Exercise aim:
The answer must be every line from the entries below that includes "import".
Given entries section start
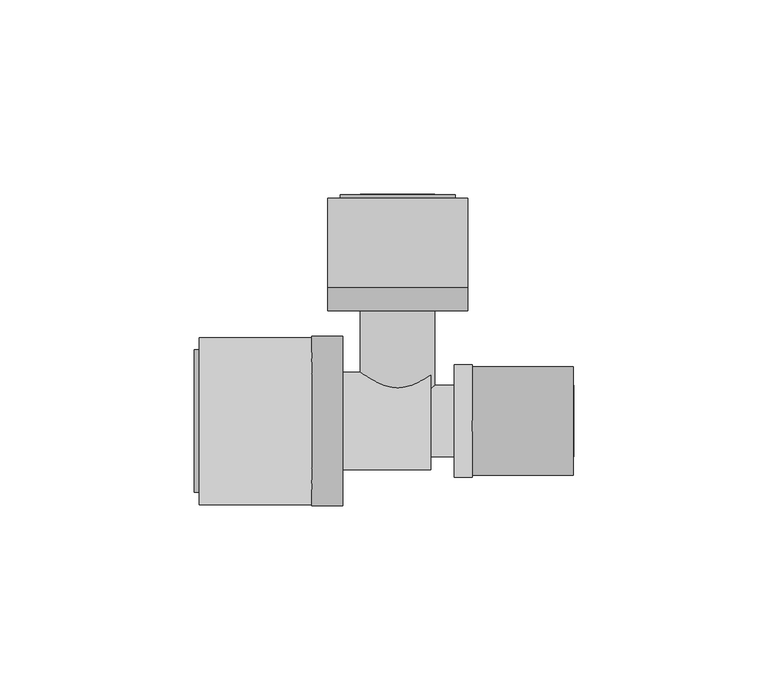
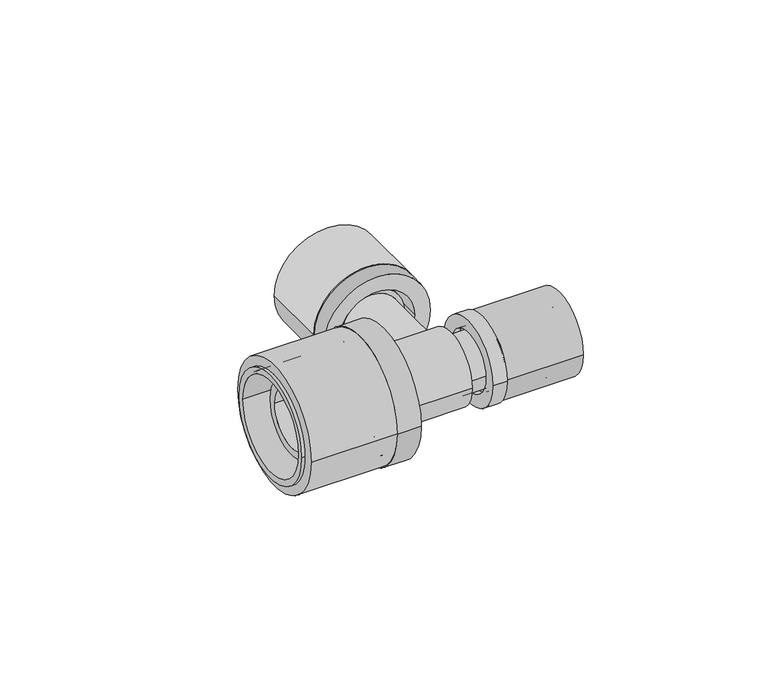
"""IFC4 building model written with IfcOpenShell, lengths in millimetres: pipe fitting geometry, FASTLOC_T-piece_LX : FSL T-Piece LX CZ."""

from ifc_helpers import new_model, si_unit, point, frame, origin, origin_2d, place, context, project, spatial, polyline, circle_curve, trimmed, segment, composite_curve, outline, extrude, source, transform, mapped, element, save
from ifc_brep_helpers import plane_surface, cylinder_surface, revolved_surface, advanced_brep


def pipe_fitting_8d489ee2(model_context):
    return source(origin(), model_context, "Body", "SolidModel", [
        extrude(outline(composite_curve([segment(trimmed(circle_curve(origin_2d(), 14.0), [point((-14.0, 0.0))], [point((14.0, 0.0))], False, "CARTESIAN"), True, "CONTINUOUS"), segment(trimmed(circle_curve(origin_2d(), 14.0), [point((14.0, 0.0))], [point((-14.0, 0.0))], False, "CARTESIAN"), True, "CONTINUOUS")], self_intersect=False), holes=[composite_curve([segment(trimmed(circle_curve(origin_2d(), 10.7), [point((-10.7, 0.0))], [point((10.7, 0.0))], True, "CARTESIAN"), True, "CONTINUOUS"), segment(trimmed(circle_curve(origin_2d(), 10.7), [point((10.7, 0.0))], [point((-10.7, 0.0))], True, "CARTESIAN"), True, "CONTINUOUS")], self_intersect=False)]), frame((19.2, 0.0, 0.0), z_axis=(1.0, 0.0, 0.0), x_axis=(0.0, 1.0, 0.0)), (0.0, 0.0, 1.0), 26.0),
        advanced_brep(
        [(19.2, 14.5, 0.0), (19.2, -14.5, 0.0), (14.5, -14.5, 0.0), (14.5, 14.5, 0.0), (36.2, 11.85, 0.0), (36.2, -11.85, 0.0), (19.2, -11.85, 0.0), (19.2, 11.85, 0.0), (14.5, 10.15, 0.0), (14.5, -10.15, 0.0), (36.2, -10.15, 0.0), (36.2, 10.15, 0.0)],
        [
            (0, 1, circle_curve(frame((19.2, 0.0, 0.0), z_axis=(-1.0, 0.0, 0.0), x_axis=(0.0, -1.0, 0.0)), 14.5)),
            (1, 2),
            (2, 3, circle_curve(frame((14.5, 0.0, 0.0), z_axis=(1.0, 0.0, 0.0), x_axis=(0.0, -1.0, 0.0)), 14.5)),
            (3, 0),
            (4, 5, circle_curve(frame((36.2, 0.0, 0.0), z_axis=(-1.0, 0.0, 0.0), x_axis=(0.0, -1.0, 0.0)), 11.85)),
            (5, 6),
            (6, 7, circle_curve(frame((19.2, 0.0, 0.0), z_axis=(1.0, 0.0, 0.0), x_axis=(0.0, -1.0, 0.0)), 11.85)),
            (7, 4),
            (8, 9, circle_curve(frame((14.5, 0.0, 0.0), z_axis=(-1.0, 0.0, 0.0), x_axis=(0.0, -1.0, 0.0)), 10.15)),
            (9, 10),
            (10, 11, circle_curve(frame((36.2, 0.0, 0.0), z_axis=(1.0, 0.0, 0.0), x_axis=(0.0, -1.0, 0.0)), 10.15)),
            (11, 8),
            (1, 0, circle_curve(frame((19.2, 0.0, 0.0), z_axis=(-1.0, 0.0, 0.0), x_axis=(0.0, 1.0, 0.0)), 14.5)),
            (3, 2, circle_curve(frame((14.5, 0.0, 0.0), z_axis=(1.0, 0.0, 0.0), x_axis=(0.0, 1.0, 0.0)), 14.5)),
            (6, 7, circle_curve(frame((19.2, 0.0, 0.0), z_axis=(-1.0, 0.0, 0.0), x_axis=(0.0, 1.0, 0.0)), 11.85)),
            (5, 4, circle_curve(frame((36.2, 0.0, 0.0), z_axis=(-1.0, 0.0, 0.0), x_axis=(0.0, 1.0, 0.0)), 11.85)),
            (10, 11, circle_curve(frame((36.2, 0.0, 0.0), z_axis=(-1.0, 0.0, 0.0), x_axis=(0.0, 1.0, 0.0)), 10.15)),
            (9, 8, circle_curve(frame((14.5, 0.0, 0.0), z_axis=(-1.0, 0.0, 0.0), x_axis=(0.0, 1.0, 0.0)), 10.15)),
        ],
        [
            cylinder_surface(frame((14.5, 0.0, 0.0), z_axis=(1.0, 0.0, 0.0), x_axis=(0.0, -1.0, 0.0)), 14.5),
            cylinder_surface(frame((14.5, 0.0, 0.0), z_axis=(1.0, 0.0, 0.0), x_axis=(0.0, -1.0, 0.0)), 11.85),
            revolved_surface(polyline([(36.2, -10.15, 0.0), (14.5, -10.15, 0.0)]), (14.5, 0.0, 0.0), (1.0, 0.0, 0.0)),
            cylinder_surface(frame((14.5, 0.0, 0.0), z_axis=(1.0, 0.0, 0.0), x_axis=(0.0, 1.0, 0.0)), 14.5),
            plane_surface(frame((19.2, 0.0, 0.0), z_axis=(1.0, 0.0, 0.0), x_axis=(0.0, 1.0, 0.0))),
            cylinder_surface(frame((14.5, 0.0, 0.0), z_axis=(1.0, 0.0, 0.0), x_axis=(0.0, 1.0, 0.0)), 11.85),
            plane_surface(frame((36.2, 0.0, 0.0), z_axis=(1.0, 0.0, 0.0), x_axis=(0.0, 1.0, 0.0))),
            revolved_surface(polyline([(36.2, 10.15, 0.0), (14.5, 10.15, 0.0)]), (14.5, 0.0, 0.0), (1.0, 0.0, 0.0)),
            plane_surface(frame((14.5, 0.0, 0.0), z_axis=(-1.0, 0.0, 0.0), x_axis=(0.0, 1.0, 0.0))),
        ],
        [
            (0, [[1, 2, 3, 4]]),
            (1, [[5, 6, 7, 8]]),
            (2, [[9, 10, 11, 12]]),
            (3, [[13, -4, 14, -2]]),
            (4, [[-13, -1], [15, -7]]),
            (5, [[16, -8, -15, -6]]),
            (6, [[-16, -5], [17, -11]]),
            (7, [[18, -12, -17, -10]]),
            (8, [[-14, -3], [-18, -9]]),
        ],
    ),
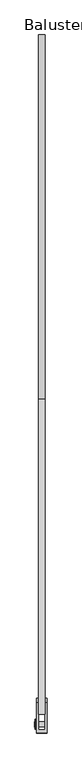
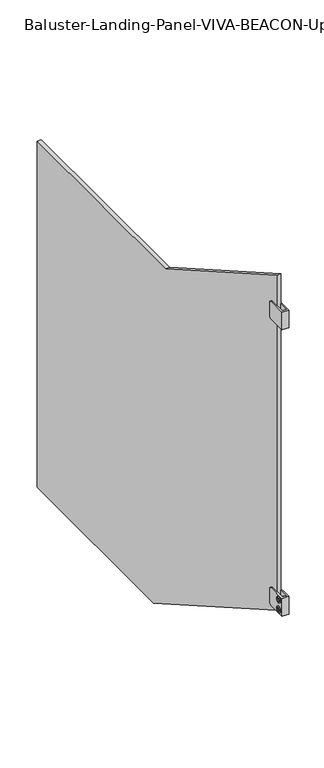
"""IFC4 building model written with IfcOpenShell, lengths in millimetres: railing geometry, Baluster-Landing-Panel-VIVA-BEACON-Upper : Standard_Glass."""

from ifc_helpers import new_model, si_unit, point, frame, origin, place, context, project, spatial, polyline, circle_curve, ellipse_curve, trimmed, outline, extrude, source, transform, mapped, element, save
from ifc_brep_helpers import plane_surface, cylinder_surface, revolved_surface, advanced_brep


def baluster_landing_panel_viva_beacon_upper_standard_glass_b4abdc5f(model_context):
    return source(origin(), model_context, "Body", "SolidModel", [
        advanced_brep(
        [(28.4327292, -26.9875, 1242.9597801), (28.4327292, 17.4625, 1242.9597801), (28.4327292, 23.8125, 1236.6097801), (28.4327292, 23.8125, 1204.8597801), (28.4327292, 17.4625, 1198.5097801), (28.4327292, -26.9875, 1198.5097801), (44.3077292, -26.9875, 1242.9597801), (44.3077292, -26.9875, 1198.5097801), (44.3077292, 17.4625, 1198.5097801), (44.3077292, 23.8125, 1204.8597801), (44.3077292, 23.8125, 1236.6097801), (44.3077292, 17.4625, 1242.9597801), (31.6077292, 17.4625, 1198.5097801), (31.6077292, -22.2694196, 1198.5097801), (41.1327292, -22.2694196, 1198.5097801), (41.1327292, 17.4625, 1198.5097801), (31.6077292, -22.2694196, 1242.9597801), (41.1327292, -22.2694196, 1242.9597801), (31.6077292, 23.8125, 1204.8597801), (31.6077292, 23.8125, 1236.6097801), (31.6077292, 17.4625, 1242.9597801), (41.1327292, 17.4625, 1242.9597801), (41.1327292, 23.8125, 1236.6097801), (41.1327292, 23.8125, 1204.8597801)],
        [
            (0, 1),
            (1, 2, circle_curve(frame((28.4327292, 17.4625, 1236.6097801), z_axis=(-1.0, 0.0, 0.0), x_axis=(0.0, 1.0, 0.0)), 6.35)),
            (2, 3),
            (3, 4, circle_curve(frame((28.4327292, 17.4625, 1204.8597801), z_axis=(-1.0, 0.0, 0.0), x_axis=(0.0, 1.0, 0.0)), 6.35)),
            (4, 5),
            (5, 0),
            (6, 7),
            (7, 8),
            (8, 9, circle_curve(frame((44.3077292, 17.4625, 1204.8597801), z_axis=(1.0, 0.0, 0.0), x_axis=(0.0, 1.0, 0.0)), 6.35)),
            (9, 10),
            (10, 11, circle_curve(frame((44.3077292, 17.4625, 1236.6097801), z_axis=(1.0, 0.0, 0.0), x_axis=(0.0, 1.0, 0.0)), 6.35)),
            (11, 6),
            (5, 7),
            (6, 0),
            (4, 12),
            (12, 13),
            (13, 14),
            (14, 15),
            (15, 8),
            (13, 16),
            (16, 17),
            (17, 14),
            (12, 18, circle_curve(frame((31.6077292, 17.4625, 1204.8597801), z_axis=(1.0, 0.0, 0.0), x_axis=(0.0, 1.0, 0.0)), 6.35)),
            (18, 19),
            (19, 20, circle_curve(frame((31.6077292, 17.4625, 1236.6097801), z_axis=(1.0, 0.0, 0.0), x_axis=(0.0, 1.0, 0.0)), 6.35)),
            (20, 16),
            (17, 21),
            (21, 22, circle_curve(frame((41.1327292, 17.4625, 1236.6097801), z_axis=(-1.0, 0.0, 0.0), x_axis=(0.0, 1.0, 0.0)), 6.35)),
            (22, 23),
            (23, 15, circle_curve(frame((41.1327292, 17.4625, 1204.8597801), z_axis=(-1.0, 0.0, 0.0), x_axis=(0.0, 1.0, 0.0)), 6.35)),
            (23, 9),
            (3, 18),
            (22, 10),
            (2, 19),
            (21, 11),
            (1, 20),
        ],
        [
            plane_surface(frame((28.4327292, -26.9875, 1198.5097801), z_axis=(-1.0, 0.0, 0.0), x_axis=(0.0, 0.0, -1.0))),
            plane_surface(frame((44.3077292, -26.9875, 1198.5097801), z_axis=(1.0, 0.0, 0.0), x_axis=(0.0, 0.0, 1.0))),
            plane_surface(frame((28.4327292, -26.9875, 1242.9597801), z_axis=(0.0, -1.0, 0.0), x_axis=(1.0, 0.0, 0.0))),
            plane_surface(frame((28.4327292, -26.9875, 1198.5097801), z_axis=(0.0, 0.0, -1.0), x_axis=(1.0, 0.0, 0.0))),
            plane_surface(frame((41.1327292, -22.2694196, 1255.6597801), z_axis=(0.0, 1.0, 0.0), x_axis=(0.0, 0.0, -1.0))),
            plane_surface(frame((31.6077292, -22.2694196, 1255.6597801), z_axis=(1.0, 0.0, 0.0), x_axis=(0.0, 0.0, -1.0))),
            plane_surface(frame((41.1327292, 36.5125, 1255.6597801), z_axis=(-1.0, 0.0, 0.0), x_axis=(0.0, 0.0, -1.0))),
            cylinder_surface(frame((44.3077292, 17.4625, 1204.8597801), z_axis=(-1.0, 0.0, 0.0), x_axis=(0.0, 1.0, 0.0)), 6.35),
            plane_surface(frame((28.4327292, 23.8125, 1204.8597801), z_axis=(0.0, 1.0, 0.0), x_axis=(1.0, 0.0, 0.0))),
            cylinder_surface(frame((44.3077292, 17.4625, 1236.6097801), z_axis=(-1.0, 0.0, 0.0), x_axis=(0.0, 1.0, 0.0)), 6.35),
            plane_surface(frame((28.4327292, 17.4625, 1242.9597801), z_axis=(0.0, 0.0, 1.0), x_axis=(1.0, 0.0, 0.0))),
        ],
        [
            (0, [[1, 2, 3, 4, 5, 6]]),
            (1, [[7, 8, 9, 10, 11, 12]]),
            (2, [[13, -7, 14, -6]]),
            (3, [[15, 16, 17, 18, 19, -8, -13, -5]]),
            (4, [[-17, 20, 21, 22]]),
            (5, [[-16, 23, 24, 25, 26, -20]]),
            (6, [[27, 28, 29, 30, -18, -22]]),
            (7, [[-19, -30, 31, -9]]),
            (7, [[32, -23, -15, -4]]),
            (8, [[-31, -29, 33, -10]]),
            (8, [[34, -24, -32, -3]]),
            (9, [[-33, -28, 35, -11]]),
            (9, [[36, -25, -34, -2]]),
            (10, [[-14, -12, -35, -27, -21, -26, -36, -1]]),
        ],
    ),
        extrude(outline(polyline([(-18.4480835, 512.022725), (-16.4011194, 515.5681709), (-12.3071911, 515.5681709), (-10.2602269, 512.022725), (-12.3071911, 508.4772791), (-16.4011194, 508.4772791), (-18.4480835, 512.022725)])), frame((26.0686477, 0.0, 0.0), z_axis=(1.0, 0.0, 0.0), x_axis=(0.0, 1.0, 0.0)), (0.0, 0.0, 1.0), 1.4969696),
        advanced_brep(
        [(41.1327292, -17.8996011, 512.022725), (28.4327292, -17.8996011, 512.022725), (28.4327292, -10.8087093, 512.022725), (41.1327292, -10.8087093, 512.022725), (28.4327292, -21.7619443, 512.022725), (28.4327292, -6.9463661, 512.022725), (27.5656173, -16.0102306, 512.022725), (41.1327292, -16.0102306, 512.022725), (41.1327292, -12.6980798, 512.022725), (27.5656173, -12.6980798, 512.022725), (27.5978844, -21.7619443, 512.022725), (26.3166123, -20.4806723, 512.022725), (26.3166123, -8.2276382, 512.022725), (27.5978844, -6.9463661, 512.022725), (26.3166123, -18.6527508, 512.022725), (26.3166123, -10.0555597, 512.022725), (27.5656173, -18.6527508, 512.022725), (27.5656173, -10.0555597, 512.022725)],
        [
            (0, 1),
            (1, 2, circle_curve(frame((28.4327292, -14.3541552, 512.022725), z_axis=(1.0, 0.0, 0.0), x_axis=(0.0, 1.0, 0.0)), 3.5454459)),
            (2, 3),
            (3, 0, circle_curve(frame((41.1327292, -14.3541552, 512.022725), z_axis=(-1.0, 0.0, 0.0), x_axis=(0.0, 1.0, 0.0)), 3.5454459)),
            (2, 1, circle_curve(frame((28.4327292, -14.3541552, 512.022725), z_axis=(1.0, 0.0, 0.0), x_axis=(0.0, 1.0, 0.0)), 3.5454459)),
            (0, 3, circle_curve(frame((41.1327292, -14.3541552, 512.022725), z_axis=(-1.0, 0.0, 0.0), x_axis=(0.0, 1.0, 0.0)), 3.5454459)),
            (1, 4),
            (4, 5, circle_curve(frame((28.4327292, -14.3541552, 512.022725), z_axis=(1.0, 0.0, 0.0), x_axis=(0.0, 1.0, 0.0)), 7.4077891)),
            (5, 2),
            (5, 4, circle_curve(frame((28.4327292, -14.3541552, 512.022725), z_axis=(1.0, 0.0, 0.0), x_axis=(0.0, 1.0, 0.0)), 7.4077891)),
            (6, 7),
            (7, 8, circle_curve(frame((41.1327292, -14.3541552, 512.022725), z_axis=(1.0, 0.0, 0.0), x_axis=(0.0, 1.0, 0.0)), 1.6560754)),
            (8, 9),
            (9, 6, circle_curve(frame((27.5656173, -14.3541552, 512.022725), z_axis=(-1.0, 0.0, 0.0), x_axis=(0.0, 1.0, 0.0)), 1.6560754)),
            (8, 7, circle_curve(frame((41.1327292, -14.3541552, 512.022725), z_axis=(1.0, 0.0, 0.0), x_axis=(0.0, 1.0, 0.0)), 1.6560754)),
            (6, 9, circle_curve(frame((27.5656173, -14.3541552, 512.022725), z_axis=(-1.0, 0.0, 0.0), x_axis=(0.0, 1.0, 0.0)), 1.6560754)),
            (10, 11, circle_curve(frame((27.5978844, -20.4806723, 512.022725), z_axis=(0.0, 0.0, -1.0), x_axis=(0.0, -1.0, 0.0)), 1.281272)),
            (11, 12, circle_curve(frame((26.3166123, -14.3541552, 512.022725), z_axis=(1.0, 0.0, 0.0), x_axis=(0.0, 1.0, 0.0)), 6.1265171)),
            (12, 13, circle_curve(frame((27.5978844, -8.2276382, 512.022725), z_axis=(0.0, 0.0, -1.0), x_axis=(0.0, 1.0, 0.0)), 1.281272)),
            (13, 10, circle_curve(frame((27.5978844, -14.3541552, 512.022725), z_axis=(-1.0, 0.0, 0.0), x_axis=(0.0, 1.0, 0.0)), 7.4077891)),
            (12, 11, circle_curve(frame((26.3166123, -14.3541552, 512.022725), z_axis=(1.0, 0.0, 0.0), x_axis=(0.0, 1.0, 0.0)), 6.1265171)),
            (10, 13, circle_curve(frame((27.5978844, -14.3541552, 512.022725), z_axis=(-1.0, 0.0, 0.0), x_axis=(0.0, 1.0, 0.0)), 7.4077891)),
            (11, 14),
            (14, 15, circle_curve(frame((26.3166123, -14.3541552, 512.022725), z_axis=(1.0, 0.0, 0.0), x_axis=(0.0, 1.0, 0.0)), 4.2985955)),
            (15, 12),
            (15, 14, circle_curve(frame((26.3166123, -14.3541552, 512.022725), z_axis=(1.0, 0.0, 0.0), x_axis=(0.0, 1.0, 0.0)), 4.2985955)),
            (4, 10),
            (13, 5),
            (7, 0),
            (3, 8),
            (14, 16),
            (16, 17, circle_curve(frame((27.5656173, -14.3541552, 512.022725), z_axis=(1.0, 0.0, 0.0), x_axis=(0.0, 1.0, 0.0)), 4.2985955)),
            (17, 15),
            (17, 16, circle_curve(frame((27.5656173, -14.3541552, 512.022725), z_axis=(1.0, 0.0, 0.0), x_axis=(0.0, 1.0, 0.0)), 4.2985955)),
            (16, 6),
            (9, 17),
        ],
        [
            cylinder_surface(frame((31.9294623, -14.3541552, 512.022725), z_axis=(1.0, 0.0, 0.0), x_axis=(0.0, 1.0, 0.0)), 3.5454459),
            plane_surface(frame((28.4327292, -14.3541552, 512.022725), z_axis=(1.0, 0.0, 0.0), x_axis=(0.0, 1.0, 0.0))),
            revolved_surface(polyline([(41.1327292, -12.698079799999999, 512.022725), (27.5656173, -12.698079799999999, 512.022725)]), (31.9294623, -14.3541552, 512.022725), (1.0, 0.0, 0.0)),
            revolved_surface(trimmed(ellipse_curve(frame((27.5978844, -8.2276382, 512.022725), z_axis=(0.0, 0.0, -1.0), x_axis=(0.0, 1.0, 0.0)), 1.281272, 1.281272), [point((26.3166123, -8.2276382, 512.022725))], [point((27.5978844, -6.9463661, 512.022725))], True, "CARTESIAN"), (31.9294623, -14.3541552, 512.022725), (1.0, 0.0, 0.0)),
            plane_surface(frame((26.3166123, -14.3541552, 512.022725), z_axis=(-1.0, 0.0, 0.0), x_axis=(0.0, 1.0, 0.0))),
Given entries section end
Task output:
from ifc_helpers import new_model, si_unit, point, frame, origin, origin_2d, place, context, project, spatial, polyline, circle_curve, trimmed, segment, composite_curve, outline, extrude, source, transform, mapped, element, save
from ifc_brep_helpers import plane_surface, cylinder_surface, revolved_surface, advanced_brep
from ifc_helpers import new_model, si_unit, point, frame, origin, place, context, project, spatial, polyline, circle_curve, ellipse_curve, trimmed, outline, extrude, source, transform, mapped, element, save
from ifc_brep_helpers import plane_surface, cylinder_surface, revolved_surface, advanced_brep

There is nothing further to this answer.